I do not care if the MP for Alego, one Mr. Yinda,  gets a cabinet post or not. What I care about is whether the people of Alego, Nyeri and Mandera will have to continue living in embarrassing conditions or whether the political class will finally get its act together and come up with a development agenda to develop the entire country equitably and de-ethnicise it in the process. That is all I will ask for from Kibaki and Raila and their associates.

Why aren’t we seeing the faces or reading the stories of Kenyans suffering in refugee camps and contrasting these with those of politicians in expensive cars or on beaches? The lack of attention to the current suffering of Kenyans in IDP camps will only cement the idea in politicians’ heads that Kenyan lives are expendables that they can use any time to get what they want. Our continued silence will just prove true the adage that societies get the leaders they deserve, for our leaders are, in most cases, a true reflection of who we really are as a country.

kenyan parliament passes bill creating the post of prime minister

In an extraordinary session of parliament attended by the president himself in his capacity as member for Othaya, parliament unanimously passed the bill to create the post of prime minister, expected to be occupied by Hon. Raila Odinga. For the first time in Kenya’s history a sitting president attended parliament to contribute to a debate on the floor of the House. The president sat in the spot reserved for the official leader of government business in the House.

Members from both ODM and PNU expressed their support for the bill, the most notable contribution being from Hon. Martha Karua, who had previously been adamant that Kenya’s crisis be solved within the existing constitutional order. Hon. Karua, while contributing to the debate, said that “The law is made to serve man, not the other way round.” The thawing of relations even on the floor of the House is further sign that the political leadership in Kenya might be genuinely committed to reform in order to herald a new post-tribal Republic. I would, however, not hold my breath. The real test still lies ahead in cabinet appointments. Ethnic balancing vs. rationality will be the big fight and it will be interesting to see how Kibaki and Raila choose to juggle the two.

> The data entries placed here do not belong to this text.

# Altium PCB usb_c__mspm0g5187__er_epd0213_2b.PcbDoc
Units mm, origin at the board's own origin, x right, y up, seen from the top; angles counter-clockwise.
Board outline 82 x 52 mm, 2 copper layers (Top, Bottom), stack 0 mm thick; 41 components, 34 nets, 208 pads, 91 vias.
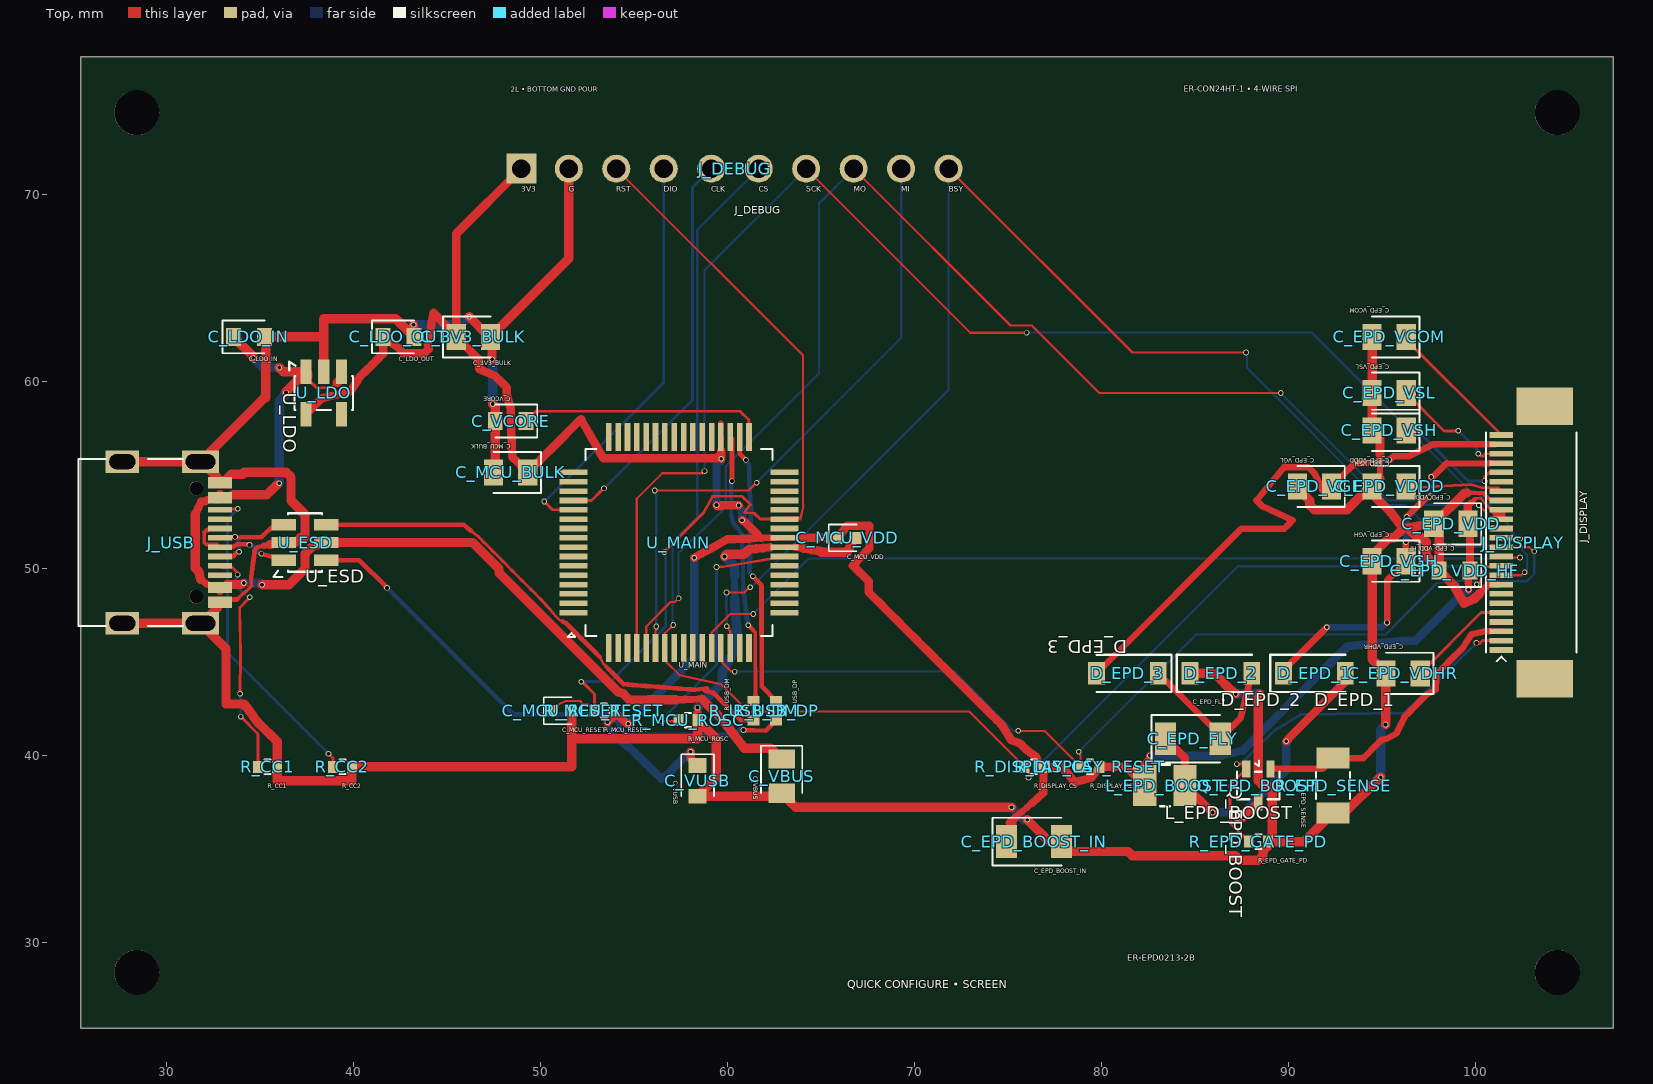
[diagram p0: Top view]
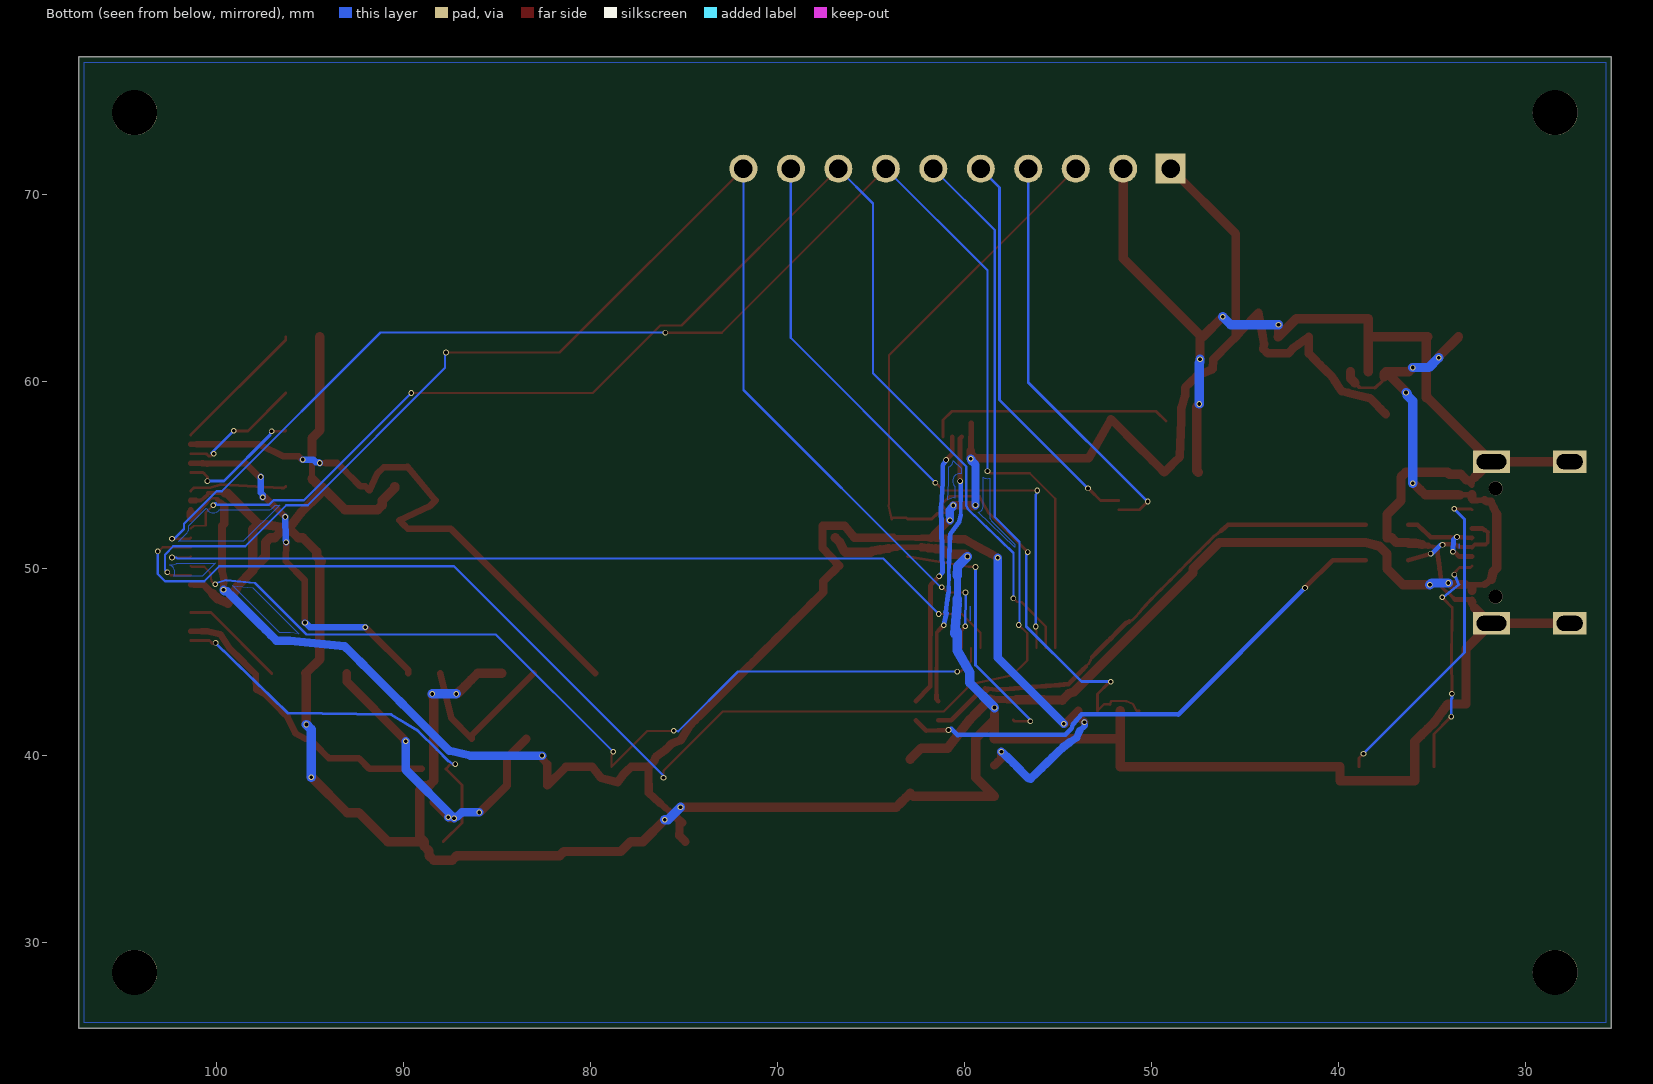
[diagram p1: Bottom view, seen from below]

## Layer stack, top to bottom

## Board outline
25.4,77.4 107.4,77.4 107.4,25.4 25.4,25.4

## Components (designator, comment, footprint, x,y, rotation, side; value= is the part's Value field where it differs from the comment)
C_3V3_BULK "" TSCIRCUIT-2.8500x1.4000mm 46.4,62.4 r0 top
C_EPD_BOOST_IN "" TSCIRCUIT-4.0500x1.7500mm 76.4,35.4 r0 top
C_EPD_FLY "" TSCIRCUIT-4.0500x1.7500mm 84.9,40.9 r0 top
C_EPD_VCOM "" TSCIRCUIT-2.8500x1.4000mm 95.4,62.4 r180 top
C_EPD_VDD "" TSCIRCUIT-2.8500x1.4000mm 98.7,52.4 r180 top
C_EPD_VDD_HF "" TSCIRCUIT-2.4500x0.9500mm 98.9,49.9 r180 top
C_EPD_VDDD "" TSCIRCUIT-2.8500x1.4000mm 95.4,54.4 r180 top
C_EPD_VDHR "" TSCIRCUIT-2.8500x1.4000mm 96.15,44.4 r180 top
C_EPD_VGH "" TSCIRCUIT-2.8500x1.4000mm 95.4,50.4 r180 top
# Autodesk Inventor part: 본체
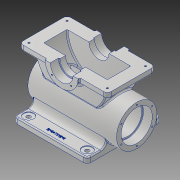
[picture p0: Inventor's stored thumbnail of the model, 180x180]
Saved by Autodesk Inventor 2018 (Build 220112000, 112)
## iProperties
Created: 2023-07
Part Number: 본체
Material: 알루미늄 6061
Document SubType Name: Modeling
Designer: 강의실04
Density: 2.7 g/cm^3
Appearance: 알루미늄 - 평지
Mass: 5728.17 g
Surface Area: 2845.94 cm^2
Volume: 2121.54 cm^3
Author: 강의실04
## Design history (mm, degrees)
sketch "스케치1"
  geometry: C1 r 55 at (0, 0); 1 further point
  constraints: 1 centre point, 1 coincident
  dimensions: "d0" = 110 diameter of C1
extrude "돌출1" new body sketch "스케치1" distance "d1" = 107; taper "d3" = 0 deg; dims "d2" = 135, "d4" = 0
node "작업 평면5"
sketch "스케치31"
  geometry: L1 (65, 120)-(-65, 120); L2 (-65, 120)-(-65, -120); L3 (-65, -120)-(65, -120); L4 (65, -120)-(65, 120); L5 (65, 120)-(-65, -120); L6 (-65, 120)-(65, -120); 1 further point
  constraints: 12 end point, 2 midpoint, 2 parallel, 1 horizontal, 1 perpendicular
  dimensions: "d120" = 130 distance of L3.end L2.end; "d121" = 240 distance of L2.end L1.end
extrude "돌출14" join sketch "스케치31" distance "d122" = 15; taper "d123" = 0 deg
sketch "스케치33"
  geometry: L1 (100, -120)-(100, 120) reference; L2 (100, 100)-(100, -100); A1 r 100 centre (100, 0) between (100, 100) and (100, -100); 1 further point
  constraints: 2 end point, 2 point on circle, 2 point on line, 1 centre point, 1 midpoint
  dimensions: "d124" = 200 diameter of A1
extrude "돌출15" join sketch "스케치33" stored distance "d125" = 90; taper "d126" = 0 deg
sketch "스케치45"
  geometry: L1 (-70, 100)-(70, 100); L2 (65, 100)-(-65, 100) reference; L3 (-70, 100)-(-70, 85); L4 (-70, 85)-(70, 85); L5 (70, 85)-(70, 100); 2 further points
  constraints: 8 end point, 2 midpoint, 1 horizontal, 1 perpendicular, 1 vertical, 1 vertical alignment
  dimensions: "d153" = 140 distance of L1.start L1.end; "d154" = 15 distance of L1.start L3.end; "d155" = 140 distance of L3.end L4.end
revolve "회전2" sketch "스케치45" stored, may be unused: angle "d156" = 90 deg
sketch "스케치46"
  geometry: L1 (-120, 0)-(-15, 0) reference; L2 (-45, 0)-(45, 0); A1 r 45 centre (0, 0) between (-45, 0) and (45, 0); 2 further points
  constraints: 2 end point, 2 point on circle, 1 centre point, 1 coincident, 1 collinear, 1 horizontal alignment, 1 point on line
  dimensions: "d157" = 90 diameter of A1
extrude "돌출21" join sketch "스케치46" stored distance "d158" = 23; taper "d159" = 0 deg
sketch "스케치49"
  geometry: C1 r 31 at (0, 0); A1 r 45 centre (0, 0) between (-45, 0) and (45, 0) reference; 1 further point
  constraints: 1 centre point, 1 coincident
  dimensions: "d165" = 62 diameter of C1
extrude "돌출22" cut sketch "스케치49" distance "d166" = 23; taper "d167" = 0 deg
sketch "스케치50"
  geometry: C1 r 31 at (0, 0); A1 r 45 centre (0, 0) between (-45, 0) and (45, 0) reference; 1 further point
  constraints: 1 centre point, 1 coincident
  dimensions: "d168" = 62 diameter of C1
extrude "돌출23" cut sketch "스케치50" distance "d169" = 23; taper "d170" = 0 deg
sketch "스케치51"
  geometry: C1 r 27.5 at (0, 0); A1 r 15 centre (0, 0) between (15, 0) and (-15, 0) reference; 1 further point
  constraints: 1 centre point, 1 coincident
  dimensions: "d171" = 55 diameter of C1
extrude "돌출24" cut sketch "스케치51" stored distance "d172" = 23; taper "d173" = 0 deg
fillet "모깎기3" dims "d174" = 10
sketch "스케치52"
  geometry: 3 further points
  constraints: 1 horizontal alignment
  dimensions: "d175" = 52 horizontal distance of point (0, 0) point (52, 107); "d176" = 104 distance of point (-52, 107) point (52, 107); "d177" = 107 vertical distance of point (0, 0) point (52, 107)
hole "구멍2" sketch "스케치52" at (52, 107), (-52, 107) diameter "d178" = 4.917; stored, may be unused: countersink angle "d182" = 90 deg, drill point angle "d184" = 118 deg; dims "d179" = 12, "d180" = 4, "d181" = 2, "d183" = 17.1
node "작업 평면6"
sketch "스케치53"
  geometry: L1 (-100, -100)-(100, -100); L2 (100, -100)-(100, 100); L3 (100, 100)-(-100, 100); L4 (-100, 100)-(-100, -100); L5 (55, 107)-(-55, 107) reference; 1 further point
  constraints: 8 end point, 2 parallel, 1 horizontal, 1 perpendicular
  dimensions: "d189" = 200 distance of L3.end L2.end; "d190" = 200 distance of L2.end L1.end; "d192" = 100 horizontal distance of L3.end point (0, 0); "d199" = 7 distance between parallel lines of L3 L5
extrude "돌출25" join sketch "스케치53" distance "d193" = 15; taper "d194" = 0 deg
fillet "모깎기5" dims "d200" = 10
sketch "스케치55"
  geometry: 3 further points
  constraints: 1 vertical alignment
  dimensions: "d201" = 80 horizontal distance of point (80, -80) point (0, 0); "d202" = 160 distance of point (80, 80) point (80, -80); "d203" = 80 horizontal distance of point (80, -80) point (0, 0)
hole "구멍3" sketch "스케치55" at (80, -80), (80, 80) diameter "d204" = 11; stored, may be unused: countersink angle "d208" = 90 deg, drill point angle "d210" = 118 deg; dims "d205" = 12, "d206" = 28, "d207" = 2, "d209" = 17.1
sketch "스케치57"
  geometry: L1 (100, 45)-(100, 31) reference; C1 r 87 at (100, 0); A1 r 27.5 centre (100, 0) between (100, 27.5) and (100, -27.5) reference; 1 further point
  constraints: 1 centre point, 1 coincident
  dimensions: "d214" = 174 diameter of C1
extrude "돌출26" cut sketch "스케치57" stored distance "d215" = 64; taper "d216" = 0 deg
sketch "스케치58"
  geometry: C1 r 55 at (0, 0) reference; C2 r 42.5 at (0, 0)
  constraints: 1 centre point, 1 coincident
  dimensions: "d217" = 85 diameter of C2
extrude "돌출27" cut sketch "스케치58" distance "d218" = 25; taper "d219" = 0 deg
sketch "스케치59"
  geometry: C1 r 55 at (0, 0) reference; C2 r 42.5 at (0, 0)
  constraints: 1 centre point, 1 coincident
  dimensions: "d220" = 85 diameter of C2
extrude "돌출28" cut sketch "스케치59" distance "d221" = 25; taper "d222" = 0 deg
sketch "스케치60"
  geometry: C1 r 42.5 at (0, 0) reference; C2 r 38.5 at (0, 0)
  constraints: 1 centre point, 1 coincident
  dimensions: "d223" = 77 diameter of C2
extrude "돌출29" cut sketch "스케치60" extent not by distance; stored distance "d224" = 25; taper "d225" = 0 deg
sketch "스케치61" dims "d226" = 97
  geometry: C1 r 42.5 at (0, 0) reference; C2 r 55 at (0, 0) reference; 2 further points
  constraints: 2 vertical alignment, 1 coincident, 2 other
hole "구멍4" sketch "스케치61" at (0, 48.5) diameter "d227" = 4.134; stored, may be unused: countersink angle "d231" = 90 deg, drill point angle "d233" = 118 deg; dims "d228" = 12, "d229" = 28, "d230" = 2, "d232" = 12
sketch "스케치62" dims "d237" = 97
  geometry: C1 r 42.5 at (0, 0) reference; C2 r 55 at (0, 0) reference; 2 further points
  constraints: 2 vertical alignment, 1 coincident, 2 other
hole "구멍5" sketch "스케치62" at (0, 48.5) diameter "d238" = 4.134; stored, may be unused: countersink angle "d242" = 90 deg, drill point angle "d244" = 118 deg; dims "d239" = 10, "d240" = 28, "d241" = 2, "d243" = 12
fillet "모깎기6" dims "d248" = 1.1
sketch "스케치63"
  geometry: L1 (0, 0)-(26.163, -26.163); L2 (0, 0)-(37, 0); L3 (0, 0)-(-26.163, -26.163); L4 (0, 0)-(37, 0); A1 r 45 centre (0, 0) between (-45, 0) and (45, 0) reference; A2 r 37 centre (0, 0) between (26.163, -26.163) and (-26.163, -26.163); 3 further points
  constraints: 8 end point, 3 coincident, 2 equal length, 2 horizontal, 2 point on circle, 1 centre point
  dimensions: "d249" = 74 diameter of A2; "d251" = 45 deg angle of L1 L2; "d252" = 135 deg angle of L3 L4
hole "구멍6" sketch "스케치63" at (26.163, -26.163), (-26.163, -26.163) diameter "d253" = 4.134; stored, may be unused: countersink angle "d257" = 90 deg, drill point angle "d259" = 118 deg; dims "d254" = 10, "d255" = 28, "d256" = 2, "d258" = 12
fillet "모깎기7" dims "d260" = 1
fillet "모깎기10" dims "d263" = 3
fillet "모깎기11" dims "d264" = 3
fillet "모깎기12" dims "d265" = 3
fillet "모깎기13" dims "d266" = 3
fillet "모깎기14" dims "d267" = 3
fillet "모깎기15" dims "d268" = 3
fillet "모깎기16" dims "d269" = 15
fillet "모깎기17" dims "d270" = 3
fillet "모깎기18" dims "d271" = 3
fillet "모깎기19" dims "d272" = 3
fillet "모깎기20" dims "d273" = 3
sketch "스케치65"
  geometry: L1 (63.246, 97)-(90, 97) reference; L2 (63.246, -97)-(63.246, 97) reference; L3 (90, -97)-(63.246, -97) reference; L4 (97, 90)-(97, -90) reference; L5 (100, -90)-(100, 90) reference; C1 r 14 at (80, 80) reference; C2 r 14 at (80, -80) reference; A1 r 7 centre (90, -90) between (90, -97) and (97, -90) reference; A2 r 7 centre (90, 90) between (97, 90) and (90, 97) reference; 2 further points
  constraints: 1 horizontal alignment, 1 other
  dimensions: "d277" = 15 distance from line of L5 point (85, 0)
feature "엠보싱2" sketch "스케치65" dims "d278" = 0.5, "d279" = 0
node "솔리드1"
pattern_linear "직사각형 패턴2" dims "d187" = 214
pattern_linear "직사각형 패턴3" dims "d213" = 160
pattern_circular "원형 패턴1" dims angle "d235" = 360 deg
pattern_circular "원형 패턴2" dims angle "d246" = 360 deg
mirror "미러1"

For now Kenyans can afford to be hopeful that things might actually change. This hope for change should not be just about power sharing at the top but be accompanied with genuine reforms in the public service and government policy. The culture of mediocrity has to stop. Leaders must openly and courageously face the task of modernizing the Kenyan Republic. No more Kenyans should ever die of hunger. No more Kenyans should ever have to live in dehumanizing conditions as exist in slums and in vast swathes of the countryside. May rationality and decency prevail from now on, however hard it may be.

the truth will not be pretty

When the truth finally emerges about Kenya’s very bloody post election violence, it will not be pretty. If Human Rights Watch has it right (and I highly suspect they do), it will be established that the violence in the Rift Valley and parts of Nairobi were meticulously planned by local leaders, big name politicians and business people. More than 1500 died people in the two-month nightmare.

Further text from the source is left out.